ANTONIO BURGOS | EL RECUADRO


Aquel Rocío "sin"

Perdonen si les meto en una tienda de antigüedades, ahora que nos falta Lola Ortega, pero sin saber cómo, en la mañana abierta de las jacarandas, se me ha entrado por el escritorio, desde la calle, el sonido de una flauta rociera. ¿Es el equipo de música de un vecino que se está ambientando para coger carretera y largarse al Rocío antes de que empiece la presentación de las hermandades? ¿O es el rumano de acordeón que ha aprendido a tocar la gaita marismeña?

Mientras empiezo a teclear esta hoja en blanco suena una flauta sin tamboril, silbo de la romería, Scarlatti según Almonte, y me vienen a la memoria aquellos viejos Rocíos que acerté a conocer de muchacho y que ahora se cuentan y no se creen. Pienso en la actual aldea, en las condiciones del camino, en las comodidades de las casas y compruebo que en ningún sitio como en el Rocío puede comprobarse cómo ha mejorado la vida en tan poquísimo tiempo. Desde este punto de vista de las fatiguitas y las penalidades, en materia de Rocío cualquier tiempo pasado no fue mejor: fue un horror. Con su encanto, con el lirismo de la nostalgia, con el prestigio del sepia de las fotos, sí, pero un horror.
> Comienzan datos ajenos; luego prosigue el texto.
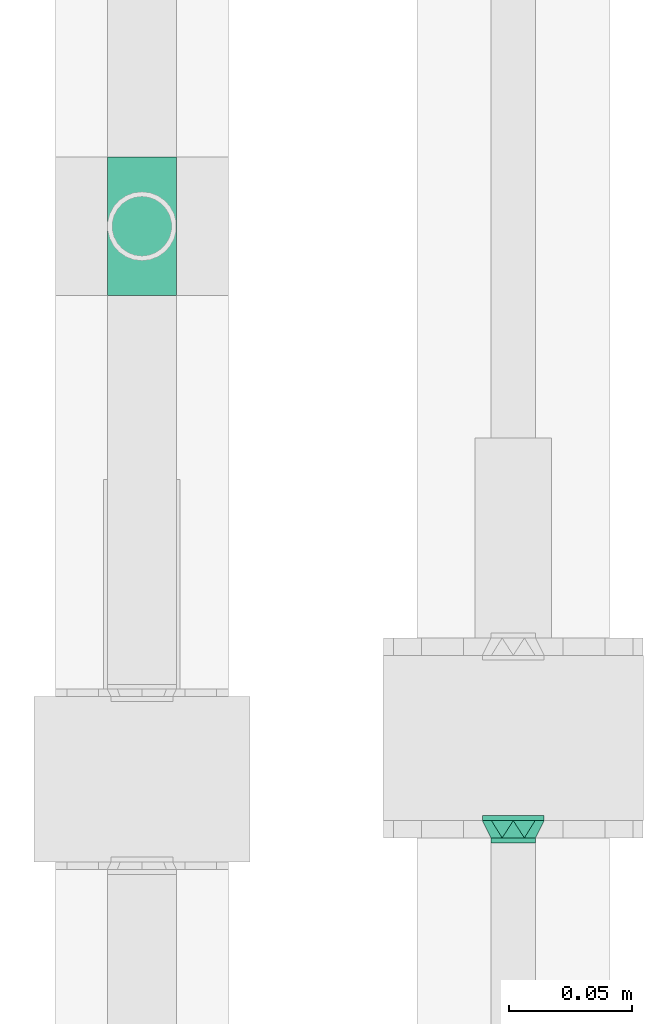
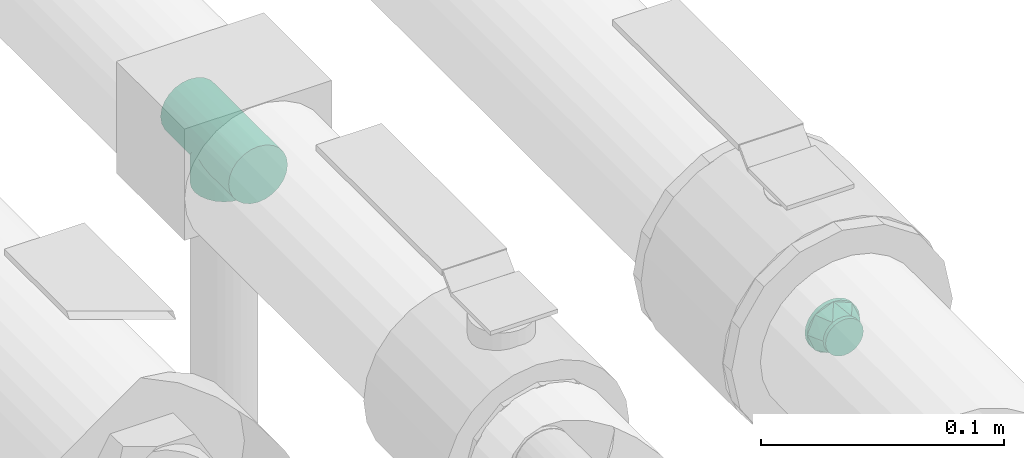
# One storey, part 82 of 83: 2 flow fittings.
"""IFC2X3 building model written with IfcOpenShell, lengths in millimetres."""

from ifc_helpers import new_model, entity, si_unit, converted_unit, derived_unit, direction, frame, origin_with_axes, place, context, subcontext, project, spatial, open_shell, surface_model, source, transform, mapped, type_object, element, save


model = new_model("IFC2X3")

# Units and contexts
model_context = context("Model", 3, precision=0.01, world=frame((0.0, 4.29681676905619e-09, 0.0)), true_north=direction((4.01073788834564e-13, 1.0)))
plan_context = context("Plan", 3, precision=0.01, world=frame((0.0, 4.29681676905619e-09, 0.0)), true_north=direction((4.01073788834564e-13, 1.0)))
body_context = subcontext(model_context, "Body", "Model", "MODEL_VIEW")
ifc_project = project(units=[converted_unit("PLANEANGLEUNIT", "DEGREE", entity("IfcPositiveLengthMeasure", 0.0174532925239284), si_unit("PLANEANGLEUNIT", "RADIAN"), dimensions=[0, 0, 0, 0, 0, 0, 0]), si_unit("AREAUNIT", "SQUARE_METRE"), si_unit("LENGTHUNIT", "METRE", prefix="MILLI"), si_unit("MASSUNIT", "GRAM", prefix="KILO"), si_unit("POWERUNIT", "WATT"), si_unit("PRESSUREUNIT", "PASCAL"), si_unit("FORCEUNIT", "NEWTON", prefix="KILO"), si_unit("ELECTRICVOLTAGEUNIT", "VOLT"), si_unit("ELECTRICCURRENTUNIT", "AMPERE"), si_unit("THERMODYNAMICTEMPERATUREUNIT", "DEGREE_CELSIUS"), si_unit("TIMEUNIT", "SECOND"), si_unit("VOLUMEUNIT", "CUBIC_METRE"), derived_unit("LINEARVELOCITYUNIT", [(si_unit("LENGTHUNIT", "METRE"), 1), (si_unit("TIMEUNIT", "SECOND"), -1)]), derived_unit("VOLUMETRICFLOWRATEUNIT", [(si_unit("VOLUMEUNIT", "CUBIC_METRE"), 1), (si_unit("TIMEUNIT", "SECOND"), -1)]), derived_unit("THERMALTRANSMITTANCEUNIT", [(si_unit("POWERUNIT", "WATT"), 1), (si_unit("THERMODYNAMICTEMPERATUREUNIT", "KELVIN"), -1), (si_unit("AREAUNIT", "SQUARE_METRE"), -1)]), derived_unit("SOUNDPRESSUREUNIT", [(si_unit("PRESSUREUNIT", "PASCAL"), 1)])], contexts=[model_context, plan_context])

# Site, building, storey
site_placement = place(None, frame((0.0, -4.29681676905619e-09, 0.0), z_axis=(0.0, 0.0, 1.0), x_axis=(1.0, 0.0, 0.0)))
site = spatial("IfcSite", under=ifc_project, at=site_placement, Name="ENGM", CompositionType="ELEMENT")
building_placement = place(site_placement, frame((0.0, 4.29681676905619e-09, 0.0), z_axis=(0.0, 0.0, 1.0), x_axis=(1.0, 0.0, 0.0)))
building = spatial("IfcBuilding", under=site, at=building_placement, Name="TI", CompositionType="ELEMENT")
storey_placement = place(building_placement, frame((0.0, 0.0, 204000.0), z_axis=(0.0, 0.0, 1.0), x_axis=(1.0, 0.0, 0.0)))
storey = spatial("IfcBuildingStorey", under=building, at=storey_placement, Name="Nivå D", CompositionType="ELEMENT", Elevation=204000.0)

# Flow fittings
pipe_fitting_type_1 = type_object("IfcPipeFittingType", Name="magi_pipe_cu_tee_centric_90_001", PredefinedType="JUNCTION")
shared_shape_1 = source(origin_with_axes(), body_context, "Body", "SurfaceModel", [
    surface_model("IfcShellBasedSurfaceModel", [(-28.0, 3.62347, -13.52296), (-28.0, 0.0, -14.0), (-28.0, 9.89949, -9.89949), (-28.0, 7.0, -12.12436), (-28.0, 13.52296, -3.62347), (-28.0, 12.12436, -7.0), (-28.0, -12.12436, -7.0), (-28.0, -7.0, -12.12436), (-28.0, -9.89949, -9.89949), (-28.0, -3.62347, -13.52296), (-28.0, -13.52296, -3.62347), (-28.0, -14.0, 0.0), (-28.0, 14.0, 0.0), (-28.0, 12.12436, 7.0), (-28.0, 13.52296, 3.62347), (-28.0, 7.0, 12.12436), (-28.0, 3.62347, 13.52296), (-28.0, 9.89949, 9.89949), (-28.0, 0.0, 14.0), (-28.0, -13.52296, 3.62347), (-28.0, -12.12436, 7.0), (-28.0, -9.89949, 9.89949), (-28.0, -7.0, 12.12436), (-28.0, -3.62347, 13.52296), (28.0, 9.89949, -9.89949), (28.0, 0.0, -14.0), (28.0, 3.62347, -13.52296), (28.0, 7.0, -12.12436), (28.0, 12.12436, -7.0), (28.0, 13.52296, -3.62347), (28.0, -12.12436, -7.0), (28.0, -3.62347, -13.52296), (28.0, -9.89949, -9.89949), (28.0, -7.0, -12.12436), (28.0, -14.0, 0.0), (28.0, -13.52296, -3.62347), (28.0, 7.0, 12.12436), (28.0, 14.0, 0.0), (28.0, 13.52296, 3.62347), (28.0, 12.12436, 7.0), (28.0, 3.62347, 13.52296), (28.0, 9.89949, 9.89949), (28.0, 0.0, 14.0), (28.0, -12.12436, 7.0), (28.0, -13.52296, 3.62347), (28.0, -9.89949, 9.89949), (28.0, -3.62347, 13.52296), (28.0, -7.0, 12.12436), (13.49217, -13.49217, 3.73648), (14.0, -14.0, 0.0), (12.11708, -12.11708, 7.01259), (7.84674, -7.84674, 11.59434), (10.15905, -10.15905, 9.63294), (-14.0, -14.0, 0.0), (-13.49217, -13.49217, 3.73648), (-12.11708, -12.11708, 7.01259), (-10.15905, -10.15905, 9.63294), (-7.84674, -7.84674, 11.59434), (-5.32575, -5.32575, 12.94745), (5.32575, -5.32575, 12.94745), (2.68835, -2.68835, 13.73946), (0.0, 0.0, 14.0), (-2.68835, -2.68835, 13.73946), (2.68835, -2.68835, -13.73946), (0.0, 0.0, -14.0), (-2.68835, -2.68835, -13.73946), (-5.32575, -5.32575, -12.94745), (5.32575, -5.32575, -12.94745), (7.84674, -7.84674, -11.59434), (10.15905, -10.15905, -9.63294), (12.11708, -12.11708, -7.01259), (13.49217, -13.49217, -3.73648), (-7.84674, -7.84674, -11.59434), (-10.15905, -10.15905, -9.63294), (-13.49217, -13.49217, -3.73648), (-12.11708, -12.11708, -7.01259), (9.89949, -21.0, -9.89949), (0.0, -21.0, -14.0), (3.62347, -21.0, -13.52296), (7.0, -21.0, -12.12436), (12.12436, -21.0, -7.0), (13.52296, -21.0, -3.62347), (-12.12436, -21.0, -7.0), (-14.0, -21.0, 0.0), (-3.62347, -21.0, -13.52296), (-9.89949, -21.0, -9.89949), (-7.0, -21.0, -12.12436), (-13.52296, -21.0, -3.62347), (-13.52296, -21.0, 3.62347), (14.0, -21.0, 0.0), (13.52296, -21.0, 3.62347), (12.12436, -21.0, 7.0), (-9.89949, -21.0, 9.89949), (7.0, -21.0, 12.12436), (0.0, -21.0, 14.0), (9.89949, -21.0, 9.89949), (3.62347, -21.0, 13.52296), (-12.12436, -21.0, 7.0), (-3.62347, -21.0, 13.52296), (-7.0, -21.0, 12.12436)], [open_shell([[[0, 1, 2]], [[3, 0, 2]], [[1, 4, 5]], [[2, 1, 5]], [[6, 4, 1]], [[7, 8, 9]], [[6, 9, 8]], [[10, 11, 6]], [[1, 9, 6]], [[6, 11, 4]], [[11, 12, 4]], [[13, 14, 12]], [[15, 13, 12]], [[15, 11, 16]], [[17, 13, 15]], [[11, 18, 16]], [[19, 20, 11]], [[20, 21, 11]], [[22, 23, 21]], [[18, 21, 23]], [[11, 21, 18]], [[11, 15, 12]], [[24, 25, 26]], [[24, 26, 27]], [[28, 29, 25]], [[28, 25, 24]], [[25, 29, 30]], [[31, 32, 33]], [[32, 31, 30]], [[30, 34, 35]], [[30, 31, 25]], [[30, 36, 34]], [[30, 29, 37]], [[37, 38, 39]], [[39, 36, 30]], [[40, 34, 36]], [[36, 39, 41]], [[34, 40, 42]], [[34, 43, 44]], [[34, 45, 43]], [[45, 46, 47]], [[46, 45, 42]], [[42, 45, 34]], [[39, 30, 37]], [[44, 43, 48]], [[34, 44, 49]], [[49, 44, 48]], [[43, 50, 48]], [[45, 47, 51]], [[50, 43, 52]], [[51, 52, 45]], [[52, 43, 45]], [[53, 54, 19]], [[53, 19, 11]], [[19, 54, 20]], [[54, 55, 20]], [[56, 57, 21]], [[21, 20, 56]], [[21, 57, 22]], [[56, 20, 55]], [[22, 57, 58]], [[51, 47, 59]], [[60, 42, 61]], [[59, 46, 60]], [[46, 59, 47]], [[60, 46, 42]], [[61, 42, 40]], [[39, 38, 14]], [[17, 36, 41]], [[13, 41, 39]], [[40, 36, 15]], [[12, 38, 37]], [[62, 61, 18]], [[62, 23, 58]], [[23, 62, 18]], [[58, 23, 22]], [[61, 16, 18]], [[40, 16, 61]], [[15, 16, 40]], [[15, 36, 17]], [[13, 17, 41]], [[14, 13, 39]], [[38, 12, 14]], [[5, 28, 24]], [[12, 37, 29]], [[24, 27, 3]], [[28, 4, 29]], [[25, 31, 63]], [[25, 64, 26]], [[64, 25, 63]], [[27, 26, 0]], [[64, 0, 26]], [[5, 24, 2]], [[4, 28, 5]], [[24, 3, 2]], [[4, 12, 29]], [[65, 66, 9]], [[1, 0, 64]], [[1, 65, 9]], [[66, 7, 9]], [[0, 3, 27]], [[1, 64, 65]], [[63, 31, 67]], [[33, 32, 68]], [[69, 68, 32]], [[30, 70, 69]], [[69, 32, 30]], [[33, 68, 67]], [[35, 34, 49]], [[35, 71, 30]], [[71, 35, 49]], [[30, 71, 70]], [[72, 7, 66]], [[72, 8, 7]], [[8, 72, 73]], [[8, 73, 6]], [[74, 53, 10]], [[75, 74, 6]], [[74, 10, 6]], [[10, 53, 11]], [[75, 6, 73]], [[33, 67, 31]], [[76, 77, 78]], [[76, 78, 79]], [[76, 80, 81]], [[77, 76, 82]], [[83, 76, 81]], [[84, 85, 86]], [[85, 84, 82]], [[82, 83, 87]], [[82, 84, 77]], [[76, 83, 82]], [[81, 88, 83]], [[89, 90, 91]], [[92, 89, 91]], [[91, 93, 94]], [[93, 91, 95]], [[96, 94, 93]], [[88, 92, 97]], [[88, 89, 92]], [[92, 98, 99]], [[98, 92, 94]], [[91, 94, 92]], [[89, 88, 81]], [[88, 53, 83]], [[97, 54, 88]], [[57, 92, 99]], [[99, 98, 58]], [[97, 92, 56]], [[94, 62, 98]], [[54, 53, 88]], [[55, 54, 97]], [[57, 56, 92]], [[62, 58, 98]], [[57, 99, 58]], [[55, 97, 56]], [[94, 61, 62]], [[51, 93, 95]], [[59, 96, 93]], [[90, 89, 49]], [[95, 91, 52]], [[90, 48, 91]], [[48, 90, 49]], [[61, 94, 60]], [[59, 60, 96]], [[48, 50, 91]], [[52, 51, 95]], [[50, 52, 91]], [[59, 93, 51]], [[60, 94, 96]], [[81, 49, 89]], [[80, 71, 81]], [[68, 76, 79]], [[79, 78, 67]], [[80, 76, 69]], [[77, 63, 78]], [[71, 49, 81]], [[70, 71, 80]], [[68, 69, 76]], [[63, 67, 78]], [[68, 79, 67]], [[70, 80, 69]], [[77, 64, 63]], [[86, 66, 84]], [[85, 72, 86]], [[87, 83, 53]], [[85, 82, 73]], [[87, 74, 82]], [[74, 87, 53]], [[64, 77, 65]], [[66, 65, 84]], [[74, 75, 82]], [[73, 72, 85]], [[75, 73, 82]], [[66, 86, 72]], [[65, 77, 84]]])]),
])
flow_fitting_1_placement = place(storey_placement, frame((599881.50429, 699013.57232, 6052.17455), z_axis=(1.0, 0.0, 0.0), x_axis=(0.0, 1.0, 0.0)))
element("IfcFlowFitting", 1, at=flow_fitting_1_placement, inside=storey, type_object=pipe_fitting_type_1, Name="magi_pipe_cu_tee_centric_90_001", context=body_context, shape_type="MappedRepresentation", body=[
    mapped(shared_shape_1, transform((0.0, 0.0, 0.0), scale=1.0)),
])
pipe_fitting_type_2 = type_object("IfcPipeFittingType", Name="magi_pipe_cu_reducer_centric_short_001", PredefinedType="TRANSITION")
shared_shape_2 = source(origin_with_axes(), body_context, "Body", "SurfaceModel", [
    surface_model("IfcShellBasedSurfaceModel", [(-2.0, 0.0, 12.5), (-2.0, 3.23524, 12.07407), (-2.0, 6.25, 10.82532), (-2.0, -10.82532, 6.25), (-2.0, 8.83883, 8.83883), (-2.0, 10.82532, 6.25), (-2.0, 12.07407, 3.23524), (-2.0, -12.07407, -3.23524), (-2.0, -3.23524, 12.07407), (-2.0, -8.83883, 8.83883), (-2.0, -6.25, 10.82532), (-2.0, -12.5, 0.0), (-2.0, -12.07407, 3.23524), (-2.0, 12.07407, -3.23524), (-2.0, 8.83883, -8.83883), (-2.0, 10.82532, -6.25), (-2.0, 6.25, -10.82532), (-2.0, 3.23524, -12.07407), (-2.0, -6.25, -10.82532), (-2.0, -8.83883, -8.83883), (-2.0, -10.82532, -6.25), (-2.0, 0.0, -12.5), (-2.0, -3.23524, -12.07407), (-2.0, 12.5, 0.0), (0.0, 3.23524, -12.07407), (0.0, 6.25, -10.82532), (0.0, 8.83883, -8.83883), (0.0, 12.07407, -3.23524), (0.0, -12.07407, -3.23524), (0.0, 10.82532, -6.25), (0.0, -10.82532, 6.25), (0.0, 0.0, -12.5), (0.0, -6.25, -10.82532), (0.0, -3.23524, -12.07407), (0.0, -8.83883, -8.83883), (0.0, -10.82532, -6.25), (0.0, 12.5, 0.0), (0.0, 12.07407, 3.23524), (0.0, 10.82532, 6.25), (0.0, 8.83883, 8.83883), (0.0, 6.25, 10.82532), (0.0, 3.23524, 12.07407), (0.0, 0.0, 12.5), (0.0, -12.5, 0.0), (0.0, -12.07407, 3.23524), (0.0, -8.83883, 8.83883), (0.0, -3.23524, 12.07407), (0.0, -6.25, 10.82532), (9.0, 8.69333, -2.32937), (9.0, 2.32937, -8.69333), (9.0, 4.5, -7.79423), (9.0, 6.36396, -6.36396), (9.0, 0.0, -9.0), (9.0, 7.79423, -4.5), (9.0, 7.79423, 4.5), (9.0, -8.69333, -2.32937), (9.0, -4.5, -7.79423), (9.0, -2.32937, -8.69333), (9.0, -6.36396, -6.36396), (9.0, -7.79423, -4.5), (9.0, 9.0, 0.0), (9.0, 8.69333, 2.32937), (9.0, -9.0, 0.0), (9.0, 0.0, 9.0), (9.0, 6.36396, 6.36396), (9.0, 4.5, 7.79423), (9.0, 2.32937, 8.69333), (9.0, -6.36396, 6.36396), (9.0, -8.69333, 2.32937), (9.0, -7.79423, 4.5), (9.0, -2.32937, 8.69333), (9.0, -4.5, 7.79423), (7.0, 0.0, 9.0), (7.0, 2.32937, 8.69333), (7.0, 4.5, 7.79423), (7.0, 6.36396, 6.36396), (7.0, 7.79423, 4.5), (7.0, -9.0, 0.0), (7.0, -8.69333, -2.32937), (7.0, -2.32937, 8.69333), (7.0, -6.36396, 6.36396), (7.0, -4.5, 7.79423), (7.0, -8.69333, 2.32937), (7.0, -7.79423, 4.5), (7.0, 8.69333, 2.32937), (7.0, 9.0, 0.0), (7.0, 8.69333, -2.32937), (7.0, -6.36396, -6.36396), (7.0, 6.36396, -6.36396), (7.0, 7.79423, -4.5), (7.0, 4.5, -7.79423), (7.0, 2.32937, -8.69333), (7.0, -4.5, -7.79423), (7.0, -7.79423, -4.5), (7.0, 0.0, -9.0), (7.0, -2.32937, -8.69333)], [open_shell([[[0, 1, 2]], [[3, 0, 2]], [[4, 5, 6]], [[2, 4, 7]], [[2, 7, 3]], [[8, 9, 10]], [[9, 8, 3]], [[3, 11, 12]], [[3, 8, 0]], [[3, 7, 11]], [[13, 4, 6]], [[7, 4, 13]], [[14, 13, 15]], [[14, 16, 17]], [[14, 17, 13]], [[18, 13, 17]], [[7, 19, 20]], [[7, 13, 19]], [[18, 21, 22]], [[19, 13, 18]], [[17, 21, 18]], [[13, 6, 23]], [[24, 25, 26]], [[24, 26, 27]], [[24, 27, 28]], [[27, 26, 29]], [[30, 28, 27]], [[31, 32, 33]], [[31, 24, 32]], [[34, 28, 35]], [[34, 32, 24]], [[28, 34, 24]], [[27, 36, 30]], [[37, 38, 39]], [[37, 39, 40]], [[40, 41, 42]], [[37, 40, 30]], [[30, 40, 42]], [[43, 30, 44]], [[28, 30, 43]], [[45, 46, 47]], [[46, 45, 30]], [[42, 46, 30]], [[30, 36, 37]], [[7, 28, 11]], [[20, 35, 7]], [[32, 19, 18]], [[20, 19, 34]], [[33, 18, 22]], [[7, 35, 28]], [[28, 43, 11]], [[33, 32, 18]], [[34, 19, 32]], [[34, 35, 20]], [[31, 33, 22]], [[22, 21, 31]], [[17, 24, 21]], [[16, 25, 17]], [[29, 14, 15]], [[16, 14, 26]], [[27, 15, 13]], [[16, 26, 25]], [[25, 24, 17]], [[36, 27, 13]], [[29, 15, 27]], [[29, 26, 14]], [[23, 36, 13]], [[21, 24, 31]], [[6, 37, 23]], [[5, 38, 6]], [[40, 4, 2]], [[5, 4, 39]], [[41, 2, 1]], [[6, 38, 37]], [[37, 36, 23]], [[41, 40, 2]], [[39, 4, 40]], [[39, 38, 5]], [[42, 41, 1]], [[1, 0, 42]], [[8, 46, 0]], [[10, 47, 8]], [[30, 9, 3]], [[10, 9, 45]], [[44, 3, 12]], [[10, 45, 47]], [[47, 46, 8]], [[43, 44, 12]], [[30, 3, 44]], [[30, 45, 9]], [[11, 43, 12]], [[0, 46, 42]], [[48, 49, 50]], [[48, 50, 51]], [[49, 48, 52]], [[48, 51, 53]], [[54, 55, 48]], [[52, 56, 57]], [[56, 52, 58]], [[58, 55, 59]], [[58, 52, 48]], [[48, 55, 58]], [[48, 60, 61]], [[62, 55, 54]], [[63, 54, 64]], [[65, 66, 63]], [[65, 63, 64]], [[67, 54, 63]], [[68, 67, 69]], [[67, 68, 62]], [[67, 70, 71]], [[67, 62, 54]], [[63, 70, 67]], [[54, 48, 61]], [[72, 73, 74]], [[72, 74, 75]], [[72, 76, 77]], [[76, 72, 75]], [[78, 77, 76]], [[79, 80, 81]], [[79, 72, 80]], [[80, 82, 83]], [[82, 80, 77]], [[72, 77, 80]], [[76, 84, 85]], [[86, 87, 85]], [[88, 86, 89]], [[90, 91, 86]], [[90, 86, 88]], [[92, 86, 91]], [[78, 87, 93]], [[78, 85, 87]], [[92, 94, 95]], [[92, 87, 86]], [[94, 92, 91]], [[85, 78, 76]], [[78, 55, 77]], [[93, 59, 78]], [[56, 87, 92]], [[93, 87, 58]], [[57, 92, 95]], [[78, 59, 55]], [[55, 62, 77]], [[57, 56, 92]], [[58, 87, 56]], [[58, 59, 93]], [[52, 57, 95]], [[95, 94, 52]], [[91, 49, 94]], [[90, 50, 91]], [[53, 88, 89]], [[90, 88, 51]], [[48, 89, 86]], [[90, 51, 50]], [[50, 49, 91]], [[60, 48, 86]], [[53, 89, 48]], [[53, 51, 88]], [[85, 60, 86]], [[94, 49, 52]], [[84, 61, 85]], [[76, 54, 84]], [[65, 75, 74]], [[76, 75, 64]], [[66, 74, 73]], [[84, 54, 61]], [[61, 60, 85]], [[66, 65, 74]], [[64, 75, 65]], [[64, 54, 76]], [[63, 66, 73]], [[73, 72, 63]], [[79, 70, 72]], [[81, 71, 79]], [[69, 80, 83]], [[81, 80, 67]], [[68, 83, 82]], [[81, 67, 71]], [[71, 70, 79]], [[62, 68, 82]], [[69, 83, 68]], [[69, 67, 80]], [[77, 62, 82]], [[72, 70, 63]], [[74, 81, 85]], [[85, 81, 92]], [[92, 90, 85]], [[92, 81, 77]], [[42, 39, 45]], [[43, 45, 39]], [[39, 26, 43]], [[31, 43, 26]], [[34, 43, 31]], [[26, 39, 36]], [[85, 90, 26]], [[26, 36, 85]], [[90, 31, 26]], [[92, 77, 34]], [[92, 34, 31]], [[34, 77, 43]], [[92, 31, 90]], [[77, 81, 45]], [[45, 43, 77]], [[81, 42, 45]], [[74, 85, 39]], [[74, 39, 42]], [[39, 85, 36]], [[74, 42, 81]]])]),
])
flow_fitting_2_placement = place(storey_placement, frame((600031.9743, 698772.72914, 6052.20000000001), z_axis=(0.0, 0.0, 1.0), x_axis=(0.0, -1.0, 0.0)))
element("IfcFlowFitting", 2, at=flow_fitting_2_placement, inside=storey, type_object=pipe_fitting_type_2, Name="magi_pipe_cu_reducer_centric_short_001", context=body_context, shape_type="MappedRepresentation", body=[
    mapped(shared_shape_2, transform((0.0, 0.0, 0.0), scale=1.0)),
])

save(model, "model.ifc")

El que evoco era el Rocío «sin»: sin carretera, sin agua corriente, sin alcantarillado, sin luz eléctrica, sin teléfono. Marisma pura, tal como Dios la creó en honor de su Madre de las Rocinas. Y del camino, ni te cuento. El máximo lujo era la batea del remolque de un tractor. Nada de ese «caravaning» rociero de los remolques en los que no falta de ná, apartamentos de lujo con su aire acondicionado, su ducha, su váter químico, su cocina de gas y su televisor para ver el Barcelona-Manchester. Cualquier remolque de literas lleva ahora muchas más comodidades de las que pudiera tener entonces en el Rocío la mejor de las casas, ¿qué digo yo?, la de la Infanta Isabel Alfonsa. Yo que estuve allí, porque mis padres eran muy rocieros y alquilaban casa, puedo evocar las romerías donde no había más luz que los carburos oliendo a perros muertos. Petromases o baterías de coche en todo caso tenían los más afortunados, una luz más triste que un quinqué. Y de agua, pozo y palangana. El que tuviera pozo. Un lavoteo en el corral, con la palangana encima de una silla de enea era el máximo lujerío en materia de aseo, ay, frente a este Rocío actual de tres duchas diarias. Y de cuarto de baño, ni mijita, nada de red de alcantarillado. De retrete, un acotado en el patio con un agujero, o el ancho campo de las traseras de las casas y, ¡hala!, en cuclillas. Y de teléfono, nada, ni avisos de conferencia. No había teléfono ni en el cuartel de la Guardia Civil.

Y en cuanto a carretera, pues los arenales de los caminos que ahora recorre la Hermandad Matriz para llegar al Rocío. Mucho camión y muy poco coche. Y los coches que se atrevían, atascados en la arena hasta que los sacaban del atolladero con un tractor...o una yunta de bueyes. El Land Rover era un lujo sólo al alcance de algunos romeros de Jerez.

¿Que en qué siglo ocurría todo esto? Pues en pleno siglo XX. Estos Rocíos «sin» que evoco eran de los primeros años 60 del siglo XX. No hace tanto. No era el Rocío del millón, sino el Rocío de muy poquita gente. La que tenía que haber. Allí nadie iba a pintar la mona ni a que los sacaran retratados. He visto que en el Rocío hay ahora mucho bronce de monumento. Alguno debería recordar aquel Rocío «sin». O rendir homenaje a los avances que permitieron la universalización de la romería: la carretera, el Seiscientos, la luz eléctrica, el agua corriente, el alcantarillado y el teléfono. Para desmentir lo de los Hermanos Reyes: «El que quiera ir al Rocío/que vaya por las arenas,/no vaya a ser tan malage/de ir por la carretera». ¡Pues anda que no llegaron comodidades al Rocío cuando los malages empezaron a ir por la carretera!